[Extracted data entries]
○ ○ ○

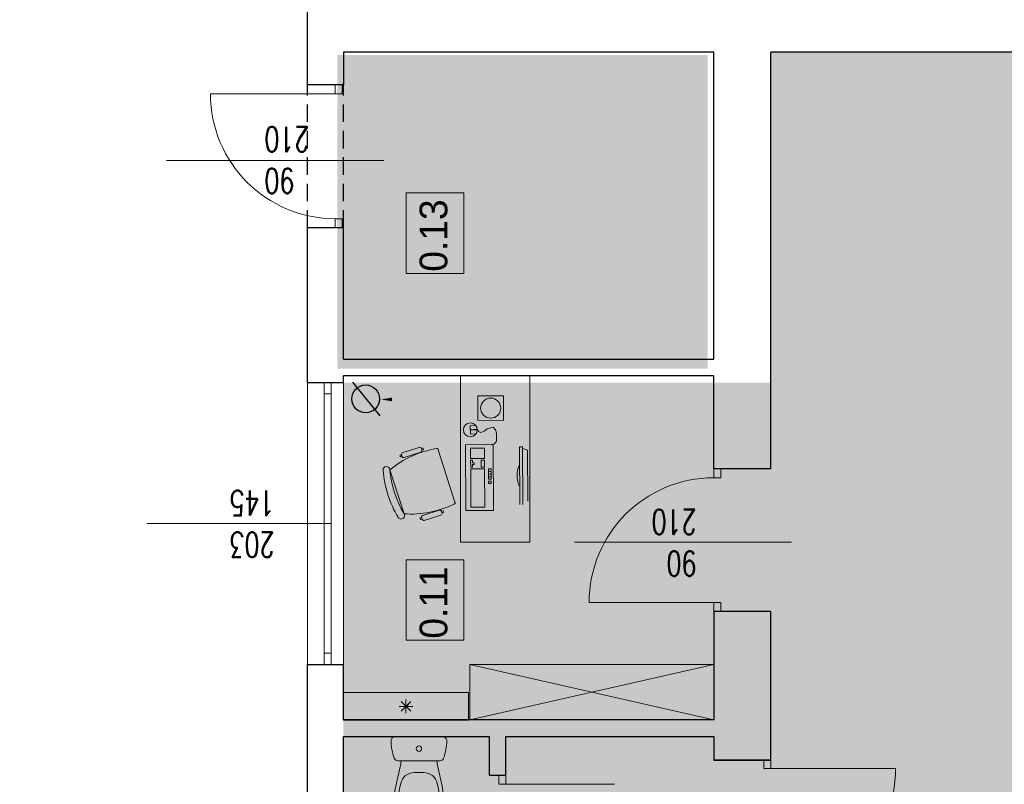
# Model space of a CAD drawing. Header units: millimetres. Extents: x -2948 to 78628, y 64669 to 215420.
# Tile 141 of 256: x 55895 to 56605, y 104386 to 104937. Entities that reach past the tile are written whole.
import ezdxf

# ---------------------------------------------------------------- set-up
doc = ezdxf.new("R2010")
doc.units = ezdxf.units.MM
doc.linetypes.add('HIDDEN', pattern=[9.525, 6.35, -3.175])
for name, color, linetype, lineweight in [('1_OPIS_OKNA', 60, 'Continuous', 13), ('a_meble', 240, 'Continuous', 5), ('meble', 3, 'Continuous', 5), ('NOWE SCIANY', 3, 'Continuous', 13), ('OPIS', 2, 'Continuous', 13), ('P_WYPOSAZENIE_SANITARNE', 4, 'Continuous', 5), ('pomiwszczenia', 95, 'Continuous', 20), ('POMOC', 1, 'Continuous', 13), ('STOLARKA', 3, 'Continuous', 13), ('WYMIAR', 5, 'Continuous', 13), ('WYPOSAZENIE_SANITARNE', 122, 'Continuous', 5), ('ŚCIANY', 7, 'Continuous', 30)]:
    doc.layers.add(name, color=color, linetype=linetype, lineweight=lineweight)
doc.layers.add('KONSTR.STALOWA', color=42, linetype='Continuous')
doc.layers.add('pomocnicza', color=4, linetype='Continuous')
doc.styles.add('style2', font='romans.shx', dxfattribs={"width": 0.7})
doc.dimstyles.new('100', dxfattribs={"dimscale": 80, "dimtxt": 0.2, "dimasz": 0.2, "dimexe": 1.25, "dimexo": 0.625, "dimgap": 0.05, "dimtad": 1, "dimdec": 0, "dimdsep": 46, "dimlunit": 6, "dimtxsty": 'style2', "dimblk1": 'TICK', "dimblk2": 'TICK', "dimsah": 1, "dimcen": 0.2, "dimse1": 1, "dimse2": 1, "dimclrd": 256, "dimclrt": 2, "dimadec": 0, "dimazin": 0, "dimtfac": 1, "dimtdec": 0, "dimtix": 1, "dimtmove": 1, "dimatfit": 0, "dimldrblk": 'DOTSMALL', "dimfxl": 1, "dimtolj": 1, "dimtzin": 0, "dimarcsym": 0})

# ---------------------------------------------------------------- blocks, each defined once
blk = doc.blocks.new('TICK')
at = {"color": 5}
for p, q in [((0, -0.75), (0, 0.75)), ((-1, 0), (1, 0))]:
    blk.add_line(p, q, dxfattribs=at)
at = {"const_width": 0.1}
blk.add_lwpolyline([(-0.354, -0.354), (0.354, 0.354)], dxfattribs=at)
blk = doc.blocks.new('*D1450')
at = {"layer": 'Defpoints', "color": 0, "ltscale": 2, "transparency": 16777216}
for p in [(56037.62, 104994.33), (55383.58, 104675.33), (56037.62, 104675.33)]:
    blk.add_point(p, dxfattribs=at)
at = {"layer": 'WYMIAR', "lineweight": -2, "ltscale": 2, "transparency": 16777216}
blk.add_line((55383.58, 104978.33), (55383.58, 104691.33), dxfattribs=at)
at = {"layer": 'WYMIAR', "lineweight": -2, "ltscale": 2, "transparency": 16777216, "xscale": 16, "yscale": 16, "zscale": 16}
for p, rotation in [((55383.58, 104994.33), 90), ((55383.58, 104675.33), 270)]:
    blk.add_blockref('TICK', p, dxfattribs=dict(at, rotation=rotation))
at = {"layer": 'WYMIAR', "color": 2, "ltscale": 2, "transparency": 16777216, "insert": (55371.58, 104834.83), "char_height": 16, "attachment_point": 5, "rotation": 90, "style": 'style2'}
blk.add_mtext('\\A1;319', dxfattribs=at)
blk = doc.blocks.new('_DotSmall')
at = {"layer": 'OPIS', "color": 0, "const_width": 0.5}
blk.add_lwpolyline([(-0.0625, 0, 1), (0.0625, 0, 1)], format="xyb", close=True, dxfattribs=at)
blk = doc.blocks.new('*D1451')
at = {"layer": 'Defpoints', "color": 0, "ltscale": 2, "transparency": 16777216}
for p in [(56050.62, 104675.33), (55383.58, 104472.33), (56050.62, 104472.33)]:
    blk.add_point(p, dxfattribs=at)
at = {"layer": 'WYMIAR', "lineweight": -2, "ltscale": 2, "transparency": 16777216}
blk.add_line((55383.58, 104659.33), (55383.58, 104488.33), dxfattribs=at)
at = {"layer": 'WYMIAR', "lineweight": -2, "ltscale": 2, "transparency": 16777216, "xscale": 16, "yscale": 16, "zscale": 16}
for p, rotation in [((55383.58, 104675.33), 90), ((55383.58, 104472.33), 270)]:
    blk.add_blockref('TICK', p, dxfattribs=dict(at, rotation=rotation))
at = {"layer": 'WYMIAR', "color": 2, "ltscale": 2, "transparency": 16777216, "insert": (55371.58, 104573.83), "char_height": 16, "attachment_point": 5, "rotation": 90, "style": 'style2'}
blk.add_mtext('\\A1;203', dxfattribs=at)
blk = doc.blocks.new('*D1463')
at = {"layer": 'Defpoints', "color": 0, "ltscale": 2, "transparency": 16777216}
for p in [(55383.58, 104472.33), (56037.62, 104472.33), (56037.62, 103982.33)]:
    blk.add_point(p, dxfattribs=at)
at = {"layer": 'WYMIAR', "lineweight": -2, "ltscale": 2, "transparency": 16777216}
blk.add_line((55383.58, 103998.33), (55383.58, 104456.33), dxfattribs=at)
at = {"layer": 'WYMIAR', "lineweight": -2, "ltscale": 2, "transparency": 16777216, "xscale": 16, "yscale": 16, "zscale": 16}
for p, rotation in [((55383.58, 104472.33), 90), ((55383.58, 103982.33), 270)]:
    blk.add_blockref('TICK', p, dxfattribs=dict(at, rotation=rotation))
at = {"layer": 'WYMIAR', "color": 2, "ltscale": 2, "transparency": 16777216, "insert": (55371.58, 104227.33), "char_height": 16, "attachment_point": 5, "rotation": 90, "style": 'style2'}
blk.add_mtext('\\A1;490', dxfattribs=at)
blk = doc.blocks.new('A$C48A16FC9')
at = {"layer": 'WYPOSAZENIE_SANITARNE'}
for p, q in [((-13.67, 35.98), (20.52, 35.98)), ((18.4, 18.48), (-11.55, 18.48)), ((-13.28, 0.27), (-10.09, 14.1)), ((0, 10), (6.85, 10)), ((20.13, 0.27), (16.94, 14.1)), ((-10.36, -0.41), (-9.74, 2.25)), ((17.21, -0.41), (16.6, 2.25))]:
    blk.add_line(p, q, dxfattribs=at)
for points in [[(-14.07, -6.52, 0.072039), (-12.86, -14.86, 0.083339), (-9.48, -21.8, 0.106661), (-3.63, -27.12, 0.132138), (3.43, -29.02, 0.132138), (10.48, -27.12, 0.106661), (16.33, -21.8, 0.083339), (19.72, -14.86, 0.072039), (20.93, -6.52, 0.05824), (20.13, 0.27, 0.083339)], [(-13.28, 0.27, 0.05824), (-14.07, -6.52, 0.072039)], [(-10.36, -0.43, 0.05824), (-11.07, -6.52, 0.05824)], [(-11.07, -6.52, 0.072039), (-9.99, -14.01, 0.083339), (-7.04, -20.05, 0.106661), (-2.12, -24.52, 0.132138), (3.43, -26.02, 0.132138), (8.98, -24.52, 0.106661), (13.89, -20.05, 0.083339), (16.84, -14.01, 0.072039), (17.93, -6.52, 0.05824), (17.21, -0.43, 0.05824)]]:
    blk.add_lwpolyline(points, format="xyb", dxfattribs=at)
blk.add_circle((3.43, 27.23), 1.96, dxfattribs=at)
for centre, radius, start, end in [((-13.67, 32.98), 3, 90, 180.53765), ((20.52, 32.98), 3, 359.46235, 90), ((20.33, 33.3), 37, 180.53765, 200.34174), ((-13.48, 33.3), 37, 339.65826, 359.46235), ((-11.55, 21.48), 3, 200.34174, 270), ((-29.57, 18.6), 20, 346.99533, 359.67168), ((36.43, 18.6), 20, 180.32832, 193.00467), ((18.4, 21.48), 3, 270, 339.65826), ((0, 0), 10, 90, 166.99533), ((6.85, 0), 10, 13.00467, 90)]:
    blk.add_arc(centre, radius, start, end, dxfattribs=at)
blk = doc.blocks.new('*D1582')
at = {"layer": 'Defpoints', "color": 0, "ltscale": 2, "transparency": 16777216}
for p in [(55344.36, 110970.33), (56086.34, 110970.33), (56086.38, 101303.33)]:
    blk.add_point(p, dxfattribs=at)
at = {"layer": 'WYMIAR', "lineweight": -2, "ltscale": 2, "transparency": 16777216}
blk.add_line((55344.4, 101319.33), (55344.36, 110954.33), dxfattribs=at)
at = {"layer": 'WYMIAR', "lineweight": -2, "ltscale": 2, "transparency": 16777216, "xscale": 16, "yscale": 16, "zscale": 16}
for p, rotation in [((55344.36, 110970.33), 90.00020786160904), ((55344.4, 101303.33), 270.0002078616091)]:
    blk.add_blockref('TICK', p, dxfattribs=dict(at, rotation=rotation))
at = {"layer": 'WYMIAR', "color": 2, "ltscale": 2, "transparency": 16777216, "insert": (55331.9, 106136.83), "char_height": 16, "attachment_point": 5, "rotation": 90.00021, "style": 'style2'}
blk.add_mtext('\\A1;9\xa0667', dxfattribs=at)
blk = doc.blocks.new('*D1490')
at = {"layer": 'Defpoints', "color": 0, "ltscale": 2, "transparency": 16777216}
for p in [(56153.73, 104955.33), (55415.52, 104913.33), (56153.73, 104913.33)]:
    blk.add_point(p, dxfattribs=at)
at = {"layer": 'WYMIAR', "lineweight": -2, "ltscale": 2, "transparency": 16777216}
blk.add_line((55415.52, 104939.33), (55415.52, 104929.33), dxfattribs=at)
at = {"layer": 'WYMIAR', "lineweight": -2, "ltscale": 2, "transparency": 16777216, "xscale": 16, "yscale": 16, "zscale": 16}
for p, rotation in [((55415.52, 104955.33), 90), ((55415.52, 104913.33), 270)]:
    blk.add_blockref('TICK', p, dxfattribs=dict(at, rotation=rotation))
at = {"layer": 'WYMIAR', "color": 2, "ltscale": 2, "transparency": 16777216, "insert": (55403.52, 104934.33), "char_height": 16, "attachment_point": 5, "rotation": 90, "style": 'style2'}
blk.add_mtext('\\A1;42', dxfattribs=at)
blk = doc.blocks.new('*D1513')
at = {"layer": 'Defpoints', "color": 0, "ltscale": 2, "transparency": 16777216}
for p in [(55415.52, 104420.33), (56128.33, 104420.33), (56128.33, 104295.33)]:
    blk.add_point(p, dxfattribs=at)
at = {"layer": 'WYMIAR', "lineweight": -2, "ltscale": 2, "transparency": 16777216}
blk.add_line((55415.52, 104311.33), (55415.52, 104404.33), dxfattribs=at)
at = {"layer": 'WYMIAR', "lineweight": -2, "ltscale": 2, "transparency": 16777216, "xscale": 16, "yscale": 16, "zscale": 16}
for p, rotation in [((55415.52, 104420.33), 90), ((55415.52, 104295.33), 270)]:
    blk.add_blockref('TICK', p, dxfattribs=dict(at, rotation=rotation))
at = {"layer": 'WYMIAR', "color": 2, "ltscale": 2, "transparency": 16777216, "insert": (55403.52, 104357.83), "char_height": 16, "attachment_point": 5, "rotation": 90, "style": 'style2'}
blk.add_mtext('\\A1;125', dxfattribs=at)
blk = doc.blocks.new('*D1514')
at = {"layer": 'Defpoints', "color": 0, "ltscale": 2, "transparency": 16777216}
for p in [(55415.52, 104432.33), (56128.33, 104432.33), (56128.33, 104420.33)]:
    blk.add_point(p, dxfattribs=at)
at = {"layer": 'WYMIAR', "lineweight": -2, "ltscale": 2, "transparency": 16777216}
for p, q in [((55415.52, 104448.33), (55415.52, 104464.33)), ((55415.52, 104420.33), (55415.52, 104432.33)), ((55415.52, 104404.33), (55415.52, 104388.33))]:
    blk.add_line(p, q, dxfattribs=at)
at = {"layer": 'WYMIAR', "lineweight": -2, "ltscale": 2, "transparency": 16777216, "xscale": 16, "yscale": 16, "zscale": 16}
for p, rotation in [((55415.52, 104432.33), 270), ((55415.52, 104420.33), 90)]:
    blk.add_blockref('TICK', p, dxfattribs=dict(at, rotation=rotation))
at = {"layer": 'WYMIAR', "color": 2, "ltscale": 2, "transparency": 16777216, "insert": (55403.52, 104426.33), "char_height": 16, "attachment_point": 5, "rotation": 90, "style": 'style2'}
blk.add_mtext('\\A1;12', dxfattribs=at)
blk = doc.blocks.new('*D1584')
at = {"layer": 'Defpoints', "color": 0, "ltscale": 2, "transparency": 16777216}
for p in [(55415.52, 104680.33), (56128.33, 104680.33), (56128.33, 104432.33)]:
    blk.add_point(p, dxfattribs=at)
at = {"layer": 'WYMIAR', "lineweight": -2, "ltscale": 2, "transparency": 16777216}
blk.add_line((55415.52, 104448.33), (55415.52, 104664.33), dxfattribs=at)
at = {"layer": 'WYMIAR', "lineweight": -2, "ltscale": 2, "transparency": 16777216, "xscale": 16, "yscale": 16, "zscale": 16}
for p, rotation in [((55415.52, 104680.33), 90), ((55415.52, 104432.33), 270)]:
    blk.add_blockref('TICK', p, dxfattribs=dict(at, rotation=rotation))
at = {"layer": 'WYMIAR', "color": 2, "ltscale": 2, "transparency": 16777216, "insert": (55403.52, 104556.33), "char_height": 16, "attachment_point": 5, "rotation": 90, "style": 'style2'}
blk.add_mtext('\\A1;248', dxfattribs=at)
blk = doc.blocks.new('*D1515')
at = {"layer": 'Defpoints', "color": 0, "ltscale": 2, "transparency": 16777216}
for p in [(55415.52, 104692.33), (56128.33, 104692.33), (56128.33, 104680.33)]:
    blk.add_point(p, dxfattribs=at)
at = {"layer": 'WYMIAR', "lineweight": -2, "ltscale": 2, "transparency": 16777216}
for p, q in [((55415.52, 104708.33), (55415.52, 104724.33)), ((55415.52, 104680.33), (55415.52, 104692.33)), ((55415.52, 104664.33), (55415.52, 104648.33))]:
    blk.add_line(p, q, dxfattribs=at)
at = {"layer": 'WYMIAR', "lineweight": -2, "ltscale": 2, "transparency": 16777216, "xscale": 16, "yscale": 16, "zscale": 16}
for p, rotation in [((55415.52, 104692.33), 270), ((55415.52, 104680.33), 90)]:
    blk.add_blockref('TICK', p, dxfattribs=dict(at, rotation=rotation))
at = {"layer": 'WYMIAR', "color": 2, "ltscale": 2, "transparency": 16777216, "insert": (55403.52, 104686.33), "char_height": 16, "attachment_point": 5, "rotation": 90, "style": 'style2'}
blk.add_mtext('\\A1;12', dxfattribs=at)
blk = doc.blocks.new('*D1585')
at = {"layer": 'Defpoints', "color": 0, "ltscale": 2, "transparency": 16777216}
for p in [(55415.52, 104913.33), (56128.33, 104913.33), (56395.33, 104680.33)]:
    blk.add_point(p, dxfattribs=at)
at = {"layer": 'WYMIAR', "lineweight": -2, "ltscale": 2, "transparency": 16777216}
blk.add_line((55415.52, 104696.33), (55415.52, 104897.33), dxfattribs=at)
at = {"layer": 'WYMIAR', "lineweight": -2, "ltscale": 2, "transparency": 16777216, "xscale": 16, "yscale": 16, "zscale": 16}
for p, rotation in [((55415.52, 104913.33), 90), ((55415.52, 104680.33), 270)]:
    blk.add_blockref('TICK', p, dxfattribs=dict(at, rotation=rotation))
at = {"layer": 'WYMIAR', "color": 2, "ltscale": 2, "transparency": 16777216, "insert": (55403.52, 104796.83), "char_height": 16, "attachment_point": 5, "rotation": 90, "style": 'style2'}
blk.add_mtext('\\A1;233', dxfattribs=at)

msp = doc.modelspace()

# ---------------------------------------------------------------- hatches: boundary and pattern name
at = {"layer": 'KONSTR.STALOWA', "true_color": 0xf7abae, "transparency": 33554585}
h = msp.add_hatch(color=241, dxfattribs=at)
h.dxf.hatch_style = 1
h.paths.add_polyline_path([(56436.16, 104913.36), (56436.16, 104675.36), (56128.16, 104675.36), (56128.16, 102987.36), (56395.16, 102987.36), (56395.16, 103143.36), (57304.16, 103143.36), (57304.16, 104913.36)])
at = {"layer": 'KONSTR.STALOWA', "true_color": 0xf27172, "transparency": 33554585}
h = msp.add_hatch(color=11, dxfattribs=at)
h.dxf.hatch_style = 1
h.paths.add_polyline_path([(56123.79, 104911.46), (56123.79, 104685.41), (56390.79, 104685.41), (56390.79, 104911.46)])

# ---------------------------------------------------------------- linework, layer by layer
msp.add_line((56134.69, 104675.77), (56154.4, 104651.52))
msp.add_circle((56144.27, 104663.64), 10)
msp.add_solid([(56163.28, 104661.91), (56163.28, 104664.54), (56155.4, 104663.23)])
at = {"layer": '1_OPIS_OKNA'}
msp.add_line((56119.33, 104573.83), (55986.77, 104573.83), dxfattribs=at)
at = {"layer": 'a_meble'}
for points in [[(56262.6, 104632.94), (56262.6, 104680.33), (56212.6, 104680.33), (56212.6, 104560.33), (56262.6, 104560.47), (56262.6, 104632.94)], [(56223.79, 104638.38), (56219.77, 104638.31), (56219.68, 104644.28), (56223.61, 104644.43)], [(56224.84, 104641.9), (56225.61, 104640.17), (56227.35, 104639.41), (56229.66, 104640.37), (56231.86, 104642.02), (56236.09, 104643.2), (56237.8, 104641.43), (56238.61, 104638.87), (56238.63, 104633.22), (56237.26, 104631.3), (56234.89, 104630.7)], [(56224.72, 104641.42), (56219.72, 104641.29), (56224.71, 104641.7)], [(56255.35, 104587.52), (56255.16, 104629.07), (56257.44, 104629.08), (56257.63, 104587.53)], [(56196.57, 104626.88), (56208.56, 104589.33)], [(56261.12, 104589.89), (56260.95, 104626.75), (56257.45, 104627.91)], [(56232.79, 104613.19), (56234.66, 104613.2)], [(56234.66, 104613.2), (56234.67, 104611.32), (56232.79, 104611.31), (56232.79, 104613.19)]]:
    msp.add_lwpolyline(points, dxfattribs=at)
for points in [[(56243.67, 104648.16), (56243.71, 104665.71), (56225.12, 104665.76), (56225.08, 104648.21)], [(56216.36, 104583.11), (56216.14, 104630.61), (56236.14, 104630.7), (56236.36, 104583.2)], [(56219.9, 104628.13), (56229.9, 104628.18), (56229.94, 104620.68), (56219.94, 104620.63)], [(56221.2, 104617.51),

○ ○ ○

Copy task for the entries above: every line with the string "name".

for name, color, linetype, lineweight in [('1_OPIS_OKNA', 60, 'Continuous', 13), ('a_meble', 240, 'Continuous', 5), ('meble', 3, 'Continuous', 5), ('NOWE SCIANY', 3, 'Continuous', 13), ('OPIS', 2, 'Continuous', 13), ('P_WYPOSAZENIE_SANITARNE', 4, 'Continuous', 5), ('pomiwszczenia', 95, 'Continuous', 20), ('POMOC', 1, 'Continuous', 13), ('STOLARKA', 3, 'Continuous', 13), ('WYMIAR', 5, 'Continuous', 13), ('WYPOSAZENIE_SANITARNE', 122, 'Continuous', 5), ('ŚCIANY', 7, 'Continuous', 30)]:
    doc.layers.add(name, color=color, linetype=linetype, lineweight=lineweight)
# ---------------------------------------------------------------- hatches: boundary and pattern name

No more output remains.